[What the task asks]
Check every line below for the word "under" and show those that hold it.

═══ Data to process ═══

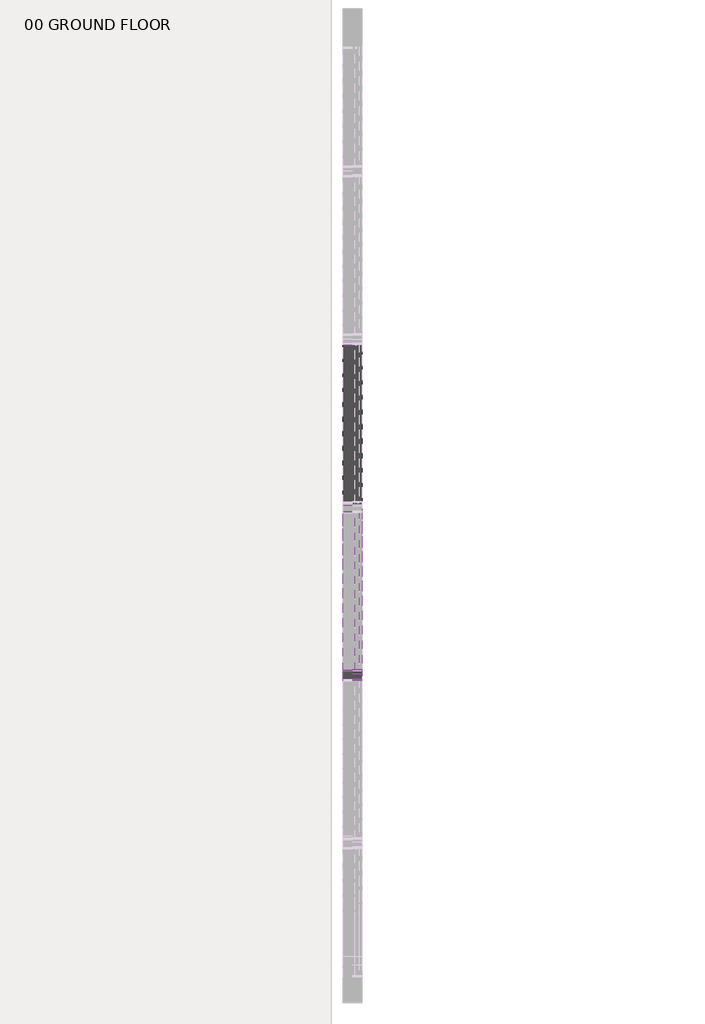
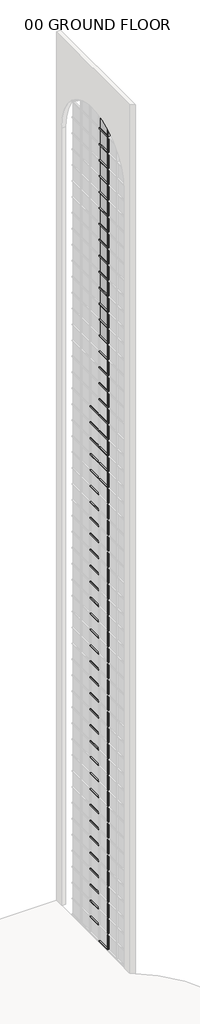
# One storey, part 27 of 33: 110 members, 14 plates.
"""IFC4 building model written with IfcOpenShell, lengths in millimetres."""

from ifc_helpers import new_model, si_unit, origin, place, context, project, spatial, transform, mapped, element, save
from components import member_14f97ceb, member_d1490fb0, member_2b49869a, member_3adf77c9, member_8e57c6d7, system_panel_glazed_ba000c98, system_panel_glazed_35b13dc1

model = new_model("IFC4")

# Units and contexts
model_context = context("Model", 3, world=origin())
ifc_project = project(units=[si_unit("LENGTHUNIT", "METRE", prefix="MILLI")], contexts=[model_context])

# Site, building, storey
site = spatial("IfcSite", under=ifc_project)
building = spatial("IfcBuilding", under=site)
storey = spatial("IfcBuildingStorey", under=building, Name="00 GROUND FLOOR", Elevation=0.0)

# Members
placement = place(None, origin())
member_shape = member_14f97ceb(model_context)
element("IfcMember", 1, ObjectType="Rectangular Mullion : 2.5\" x 5\" rectangular", at=placement, inside=storey, context=model_context, shape_type="MappedRepresentation", body=[
    mapped(member_shape, transform((44184.4050515, 28513.7678572, 0.0), x_axis=(0.0, 0.0, -1.0), y_axis=(-1.0, 0.0, 0.0), z_axis=(0.0, 1.0, 0.0))),
])
member_2_shape = member_d1490fb0(model_context)
element("IfcMember", 2, ObjectType="Rectangular Mullion : 2.5\" x 5\" rectangular", at=placement, inside=storey, context=model_context, shape_type="MappedRepresentation", body=[
    mapped(member_2_shape, transform((44184.4050515, 28577.2678572, 1219.2), x_axis=(0.0, 0.0, 1.0), y_axis=(-1.0, 0.0, 0.0), z_axis=(0.0, -1.0, 0.0))),
])
element("IfcMember", 3, ObjectType="Rectangular Mullion : 2.5\" x 5\" rectangular", at=placement, inside=storey, context=model_context, shape_type="MappedRepresentation", body=[
    mapped(member_2_shape, transform((44184.4050515, 28577.2678572, 2438.4), x_axis=(0.0, 0.0, 1.0), y_axis=(-1.0, 0.0, 0.0), z_axis=(0.0, -1.0, 0.0))),
])
element("IfcMember", 4, ObjectType="Rectangular Mullion : 2.5\" x 5\" rectangular", at=placement, inside=storey, context=model_context, shape_type="MappedRepresentation", body=[
    mapped(member_2_shape, transform((44184.4050515, 28577.2678572, 3657.6), x_axis=(0.0, 0.0, 1.0), y_axis=(-1.0, 0.0, 0.0), z_axis=(0.0, -1.0, 0.0))),
])
element("IfcMember", 5, ObjectType="Rectangular Mullion : 2.5\" x 5\" rectangular", at=placement, inside=storey, context=model_context, shape_type="MappedRepresentation", body=[
    mapped(member_2_shape, transform((44184.4050515, 28577.2678572, 4876.8), x_axis=(0.0, 0.0, 1.0), y_axis=(-1.0, 0.0, 0.0), z_axis=(0.0, -1.0, 0.0))),
])
element("IfcMember", 6, ObjectType="Rectangular Mullion : 2.5\" x 5\" rectangular", at=placement, inside=storey, context=model_context, shape_type="MappedRepresentation", body=[
    mapped(member_2_shape, transform((44184.4050515, 28577.2678572, 6096.0), x_axis=(0.0, 0.0, 1.0), y_axis=(-1.0, 0.0, 0.0), z_axis=(0.0, -1.0, 0.0))),
])
element("IfcMember", 7, ObjectType="Rectangular Mullion : 2.5\" x 5\" rectangular", at=placement, inside=storey, context=model_context, shape_type="MappedRepresentation", body=[
    mapped(member_2_shape, transform((44184.4050515, 28577.2678572, 7315.2), x_axis=(0.0, 0.0, 1.0), y_axis=(-1.0, 0.0, 0.0), z_axis=(0.0, -1.0, 0.0))),
])
element("IfcMember", 8, ObjectType="Rectangular Mullion : 2.5\" x 5\" rectangular", at=placement, inside=storey, context=model_context, shape_type="MappedRepresentation", body=[
    mapped(member_2_shape, transform((44184.4050515, 28577.2678572, 8534.4), x_axis=(0.0, 0.0, 1.0), y_axis=(-1.0, 0.0, 0.0), z_axis=(0.0, -1.0, 0.0))),
])
element("IfcMember", 9, ObjectType="Rectangular Mullion : 2.5\" x 5\" rectangular", at=placement, inside=storey, context=model_context, shape_type="MappedRepresentation", body=[
    mapped(member_2_shape, transform((44184.4050515, 28577.2678572, 9753.6), x_axis=(0.0, 0.0, 1.0), y_axis=(-1.0, 0.0, 0.0), z_axis=(0.0, -1.0, 0.0))),
])
element("IfcMember", 10, ObjectType="Rectangular Mullion : 2.5\" x 5\" rectangular", at=placement, inside=storey, context=model_context, shape_type="MappedRepresentation", body=[
    mapped(member_2_shape, transform((44184.4050515, 28577.2678572, 10972.8), x_axis=(0.0, 0.0, 1.0), y_axis=(-1.0, 0.0, 0.0), z_axis=(0.0, -1.0, 0.0))),
])
element("IfcMember", 11, ObjectType="Rectangular Mullion : 2.5\" x 5\" rectangular", at=placement, inside=storey, context=model_context, shape_type="MappedRepresentation", body=[
    mapped(member_2_shape, transform((44184.4050515, 28577.2678572, 12192.0), x_axis=(0.0, 0.0, 1.0), y_axis=(-1.0, 0.0, 0.0), z_axis=(0.0, -1.0, 0.0))),
])
element("IfcMember", 12, ObjectType="Rectangular Mullion : 2.5\" x 5\" rectangular", at=placement, inside=storey, context=model_context, shape_type="MappedRepresentation", body=[
    mapped(member_2_shape, transform((44184.4050515, 28577.2678572, 13411.2), x_axis=(0.0, 0.0, 1.0), y_axis=(-1.0, 0.0, 0.0), z_axis=(0.0, -1.0, 0.0))),
])
element("IfcMember", 13, ObjectType="Rectangular Mullion : 2.5\" x 5\" rectangular", at=placement, inside=storey, context=model_context, shape_type="MappedRepresentation", body=[
    mapped(member_2_shape, transform((44184.4050515, 28577.2678572, 14630.4), x_axis=(0.0, 0.0, 1.0), y_axis=(-1.0, 0.0, 0.0), z_axis=(0.0, -1.0, 0.0))),
])
element("IfcMember", 14, ObjectType="Rectangular Mullion : 2.5\" x 5\" rectangular", at=placement, inside=storey, context=model_context, shape_type="MappedRepresentation", body=[
    mapped(member_2_shape, transform((44184.4050515, 28577.2678572, 15849.6), x_axis=(0.0, 0.0, 1.0), y_axis=(-1.0, 0.0, 0.0), z_axis=(0.0, -1.0, 0.0))),
])
element("IfcMember", 15, ObjectType="Rectangular Mullion : 2.5\" x 5\" rectangular", at=placement, inside=storey, context=model_context, shape_type="MappedRepresentation", body=[
    mapped(member_2_shape, transform((44184.4050515, 28577.2678572, 17068.8), x_axis=(0.0, 0.0, 1.0), y_axis=(-1.0, 0.0, 0.0), z_axis=(0.0, -1.0, 0.0))),
])
element("IfcMember", 16, ObjectType="Rectangular Mullion : 2.5\" x 5\" rectangular", at=placement, inside=storey, context=model_context, shape_type="MappedRepresentation", body=[
    mapped(member_2_shape, transform((44184.4050515, 28577.2678572, 18288.0), x_axis=(0.0, 0.0, 1.0), y_axis=(-1.0, 0.0, 0.0), z_axis=(0.0, -1.0, 0.0))),
])
element("IfcMember", 17, ObjectType="Rectangular Mullion : 2.5\" x 5\" rectangular", at=placement, inside=storey, context=model_context, shape_type="MappedRepresentation", body=[
    mapped(member_2_shape, transform((44184.4050515, 28577.2678572, 19507.2), x_axis=(0.0, 0.0, 1.0), y_axis=(-1.0, 0.0, 0.0), z_axis=(0.0, -1.0, 0.0))),
])
element("IfcMember", 18, ObjectType="Rectangular Mullion : 2.5\" x 5\" rectangular", at=placement, inside=storey, context=model_context, shape_type="MappedRepresentation", body=[
    mapped(member_2_shape, transform((44184.4050515, 28577.2678572, 20726.4), x_axis=(0.0, 0.0, 1.0), y_axis=(-1.0, 0.0, 0.0), z_axis=(0.0, -1.0, 0.0))),
])
element("IfcMember", 19, ObjectType="Rectangular Mullion : 2.5\" x 5\" rectangular", at=placement, inside=storey, context=model_context, shape_type="MappedRepresentation", body=[
    mapped(member_2_shape, transform((44184.4050515, 28577.2678572, 21945.6), x_axis=(0.0, 0.0, 1.0), y_axis=(-1.0, 0.0, 0.0), z_axis=(0.0, -1.0, 0.0))),
])
element("IfcMember", 20, ObjectType="Rectangular Mullion : 2.5\" x 5\" rectangular", at=placement, inside=storey, context=model_context, shape_type="MappedRepresentation", body=[
    mapped(member_2_shape, transform((44184.4050515, 28577.2678572, 23164.8), x_axis=(0.0, 0.0, 1.0), y_axis=(-1.0, 0.0, 0.0), z_axis=(0.0, -1.0, 0.0))),
])
element("IfcMember", 21, ObjectType="Rectangular Mullion : 2.5\" x 5\" rectangular", at=placement, inside=storey, context=model_context, shape_type="MappedRepresentation", body=[
    mapped(member_2_shape, transform((44184.4050515, 28577.2678572, 24384.0), x_axis=(0.0, 0.0, 1.0), y_axis=(-1.0, 0.0, 0.0), z_axis=(0.0, -1.0, 0.0))),
])
element("IfcMember", 22, ObjectType="Rectangular Mullion : 2.5\" x 5\" rectangular", at=placement, inside=storey, context=model_context, shape_type="MappedRepresentation", body=[
    mapped(member_2_shape, transform((44184.4050515, 28577.2678572, 25603.2), x_axis=(0.0, 0.0, 1.0), y_axis=(-1.0, 0.0, 0.0), z_axis=(0.0, -1.0, 0.0))),
])
element("IfcMember", 23, ObjectType="Rectangular Mullion : 2.5\" x 5\" rectangular", at=placement, inside=storey, context=model_context, shape_type="MappedRepresentation", body=[
    mapped(member_2_shape, transform((44184.4050515, 28577.2678572, 26822.4), x_axis=(0.0, 0.0, 1.0), y_axis=(-1.0, 0.0, 0.0), z_axis=(0.0, -1.0, 0.0))),
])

═══

[Result for this exercise]
site = spatial("IfcSite", under=ifc_project)
building = spatial("IfcBuilding", under=site)
storey = spatial("IfcBuildingStorey", under=building, Name="00 GROUND FLOOR", Elevation=0.0)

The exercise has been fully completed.